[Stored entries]
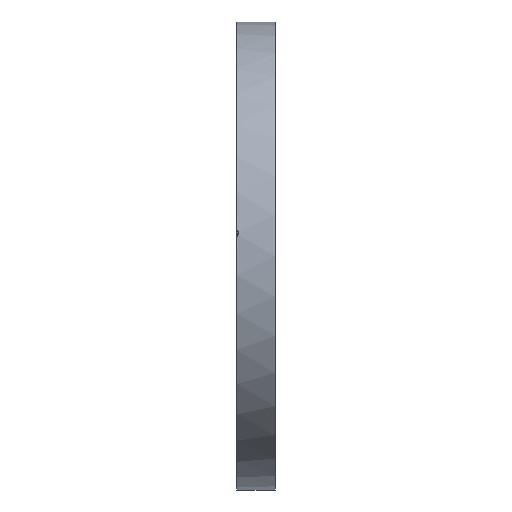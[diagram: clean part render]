
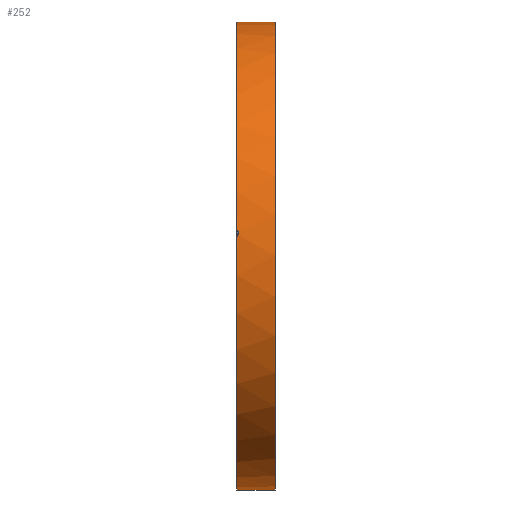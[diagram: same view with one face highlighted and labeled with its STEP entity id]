
A CAD part, left-side view. The second image highlights one B-rep face of the part: STEP entity #252.
In plain terms, the highlighted cylindrical face has radius 152.5 mm (diameter 305 mm), a partial arc.
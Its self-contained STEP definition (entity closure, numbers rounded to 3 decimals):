
#15 = CARTESIAN_POINT ( 'NONE',  ( -151.546, 24.842, 17.031 ) ) ;
#23 = EDGE_CURVE ( 'NONE', #2379, #1443, #904, .T. ) ;
#33 = CARTESIAN_POINT ( 'NONE',  ( -151.563, 24.701, 16.876 ) ) ;
#51 = CARTESIAN_POINT ( 'NONE',  ( -151.914, 24.454, 13.354 ) ) ;
#105 = DIRECTION ( 'NONE',  ( 0., 0., 1. ) ) ;
#121 = CARTESIAN_POINT ( 'NONE',  ( 0., 0., 152.5 ) ) ;
#174 = ORIENTED_EDGE ( 'NONE', *, *, #2627, .F. ) ;
#210 = DIRECTION ( 'NONE',  ( 0., 1., 0. ) ) ;
#252 = ADVANCED_FACE ( 'NONE', ( #1412 ), #918, .T. ) ;
#263 = CARTESIAN_POINT ( 'NONE',  ( -151.745, 24., 15.156 ) ) ;
#293 = CARTESIAN_POINT ( 'NONE',  ( -151.944, 24.701, 13.017 ) ) ;
#315 = CARTESIAN_POINT ( 'NONE',  ( 0., 25., 0. ) ) ;
#328 = VERTEX_POINT ( 'NONE', #527 ) ;
#412 = DIRECTION ( 'NONE',  ( 0., 1., 0. ) ) ;
#425 = DIRECTION ( 'NONE',  ( 0., 1., 0. ) ) ;
#443 = EDGE_LOOP ( 'NONE', ( #2683, #1855, #2143, #1274, #174, #1581 ) ) ;
#482 = EDGE_CURVE ( 'NONE', #2379, #2230, #2770, .T. ) ;
#527 = CARTESIAN_POINT ( 'NONE',  ( 0., 25., 152.5 ) ) ;
#593 = CARTESIAN_POINT ( 'NONE',  ( 0., 0., -152.5 ) ) ;
#623 = B_SPLINE_CURVE_WITH_KNOTS ( 'NONE', 3,
 ( #1514, #1035, #293, #51, #2011, #2964, #2993, #2723, #1970, #263, #1022, #1999, #2460, #2219, #1061, #33, #15, #2951 ),
 .UNSPECIFIED., .F., .F.,
 ( 4, 2, 2, 2, 2, 2, 2, 2, 4 ),
 ( 0., 0.001, 0.001, 0.002, 0.003, 0.003, 0.004, 0.004, 0.005 ),
 .UNSPECIFIED. ) ;
#656 = AXIS2_PLACEMENT_3D ( 'NONE', #1368, #1316, #105 ) ;
#734 = CARTESIAN_POINT ( 'NONE',  ( 0., 25., 0. ) ) ;
#896 = DIRECTION ( 'NONE',  ( 0., 0., 1. ) ) ;
#904 = CIRCLE ( 'NONE', #656, 152.5 ) ;
#918 = CYLINDRICAL_SURFACE ( 'NONE', #1058, 152.5 ) ;
#1022 = CARTESIAN_POINT ( 'NONE',  ( -151.724, 24.022, 15.366 ) ) ;
#1035 = CARTESIAN_POINT ( 'NONE',  ( -151.957, 24.842, 12.862 ) ) ;
#1058 = AXIS2_PLACEMENT_3D ( 'NONE', #2356, #425, #896 ) ;
#1061 = CARTESIAN_POINT ( 'NONE',  ( -151.601, 24.454, 16.54 ) ) ;
#1158 = AXIS2_PLACEMENT_3D ( 'NONE', #734, #1902, #1930 ) ;
#1174 = AXIS2_PLACEMENT_3D ( 'NONE', #315, #1264, #1734 ) ;
#1252 = VERTEX_POINT ( 'NONE', #2167 ) ;
#1264 = DIRECTION ( 'NONE',  ( 0., 1., 0. ) ) ;
#1274 = ORIENTED_EDGE ( 'NONE', *, *, #3075, .F. ) ;
#1316 = DIRECTION ( 'NONE',  ( 0., 1., 0. ) ) ;
#1368 = CARTESIAN_POINT ( 'NONE',  ( 0., 0., 0. ) ) ;
#1412 = FACE_OUTER_BOUND ( 'NONE', #443, .T. ) ;
#1443 = VERTEX_POINT ( 'NONE', #121 ) ;
#1514 = CARTESIAN_POINT ( 'NONE',  ( -151.969, 25., 12.721 ) ) ;
#1581 = ORIENTED_EDGE ( 'NONE', *, *, #2061, .F. ) ;
#1705 = CIRCLE ( 'NONE', #1158, 152.5 ) ;
#1734 = DIRECTION ( 'NONE',  ( 0., 0., 1. ) ) ;
#1855 = ORIENTED_EDGE ( 'NONE', *, *, #23, .T. ) ;
#1880 = CARTESIAN_POINT ( 'NONE',  ( -151.969, 25., 12.721 ) ) ;
#1902 = DIRECTION ( 'NONE',  ( 0., 1., 0. ) ) ;
#1930 = DIRECTION ( 'NONE',  ( 0., 0., 1. ) ) ;
#1967 = VECTOR ( 'NONE', #210, 1000. ) ;
#1970 = CARTESIAN_POINT ( 'NONE',  ( -151.786, 24., 14.739 ) ) ;
#1999 = CARTESIAN_POINT ( 'NONE',  ( -151.682, 24.11, 15.777 ) ) ;
#2011 = CARTESIAN_POINT ( 'NONE',  ( -151.898, 24.347, 13.538 ) ) ;
#2061 = EDGE_CURVE ( 'NONE', #2230, #2314, #1705, .T. ) ;
#2140 = CIRCLE ( 'NONE', #1174, 152.5 ) ;
#2143 = ORIENTED_EDGE ( 'NONE', *, *, #2154, .T. ) ;
#2154 = EDGE_CURVE ( 'NONE', #1443, #328, #2403, .T. ) ;
#2167 = CARTESIAN_POINT ( 'NONE',  ( -151.53, 25., 17.171 ) ) ;
#2219 = CARTESIAN_POINT ( 'NONE',  ( -151.621, 24.347, 16.356 ) ) ;
#2230 = VERTEX_POINT ( 'NONE', #2957 ) ;
#2314 = VERTEX_POINT ( 'NONE', #1880 ) ;
#2356 = CARTESIAN_POINT ( 'NONE',  ( 0., 0., 0. ) ) ;
#2379 = VERTEX_POINT ( 'NONE', #2812 ) ;
#2403 = LINE ( 'NONE', #2672, #1967 ) ;
#2460 = CARTESIAN_POINT ( 'NONE',  ( -151.661, 24.175, 15.974 ) ) ;
#2627 = EDGE_CURVE ( 'NONE', #2314, #1252, #623, .T. ) ;
#2672 = CARTESIAN_POINT ( 'NONE',  ( 0., 0., 152.5 ) ) ;
#2683 = ORIENTED_EDGE ( 'NONE', *, *, #482, .F. ) ;
#2723 = CARTESIAN_POINT ( 'NONE',  ( -151.806, 24.022, 14.529 ) ) ;
#2770 = LINE ( 'NONE', #593, #3161 ) ;
#2812 = CARTESIAN_POINT ( 'NONE',  ( 0., 0., -152.5 ) ) ;
#2951 = CARTESIAN_POINT ( 'NONE',  ( -151.53, 25., 17.171 ) ) ;
#2957 = CARTESIAN_POINT ( 'NONE',  ( 0., 25., -152.5 ) ) ;
#2964 = CARTESIAN_POINT ( 'NONE',  ( -151.863, 24.175, 13.92 ) ) ;
#2993 = CARTESIAN_POINT ( 'NONE',  ( -151.845, 24.11, 14.118 ) ) ;
#3075 = EDGE_CURVE ( 'NONE', #1252, #328, #2140, .T. ) ;
#3161 = VECTOR ( 'NONE', #412, 1000. ) ;

▶ _Work to be completed_
Exactly reproduce the lines of the data above that run from the line containing "#2356 = CARTESIAN_POINT" through the final one.

▶ _Response to the task_
#2356 = CARTESIAN_POINT ( 'NONE',  ( 0., 0., 0. ) ) ;
#2379 = VERTEX_POINT ( 'NONE', #2812 ) ;
#2403 = LINE ( 'NONE', #2672, #1967 ) ;
#2460 = CARTESIAN_POINT ( 'NONE',  ( -151.661, 24.175, 15.974 ) ) ;
#2627 = EDGE_CURVE ( 'NONE', #2314, #1252, #623, .T. ) ;
#2672 = CARTESIAN_POINT ( 'NONE',  ( 0., 0., 152.5 ) ) ;
#2683 = ORIENTED_EDGE ( 'NONE', *, *, #482, .F. ) ;
#2723 = CARTESIAN_POINT ( 'NONE',  ( -151.806, 24.022, 14.529 ) ) ;
#2770 = LINE ( 'NONE', #593, #3161 ) ;
#2812 = CARTESIAN_POINT ( 'NONE',  ( 0., 0., -152.5 ) ) ;
#2951 = CARTESIAN_POINT ( 'NONE',  ( -151.53, 25., 17.171 ) ) ;
#2957 = CARTESIAN_POINT ( 'NONE',  ( 0., 25., -152.5 ) ) ;
#2964 = CARTESIAN_POINT ( 'NONE',  ( -151.863, 24.175, 13.92 ) ) ;
#2993 = CARTESIAN_POINT ( 'NONE',  ( -151.845, 24.11, 14.118 ) ) ;
#3075 = EDGE_CURVE ( 'NONE', #1252, #328, #2140, .T. ) ;
#3161 = VECTOR ( 'NONE', #412, 1000. ) ;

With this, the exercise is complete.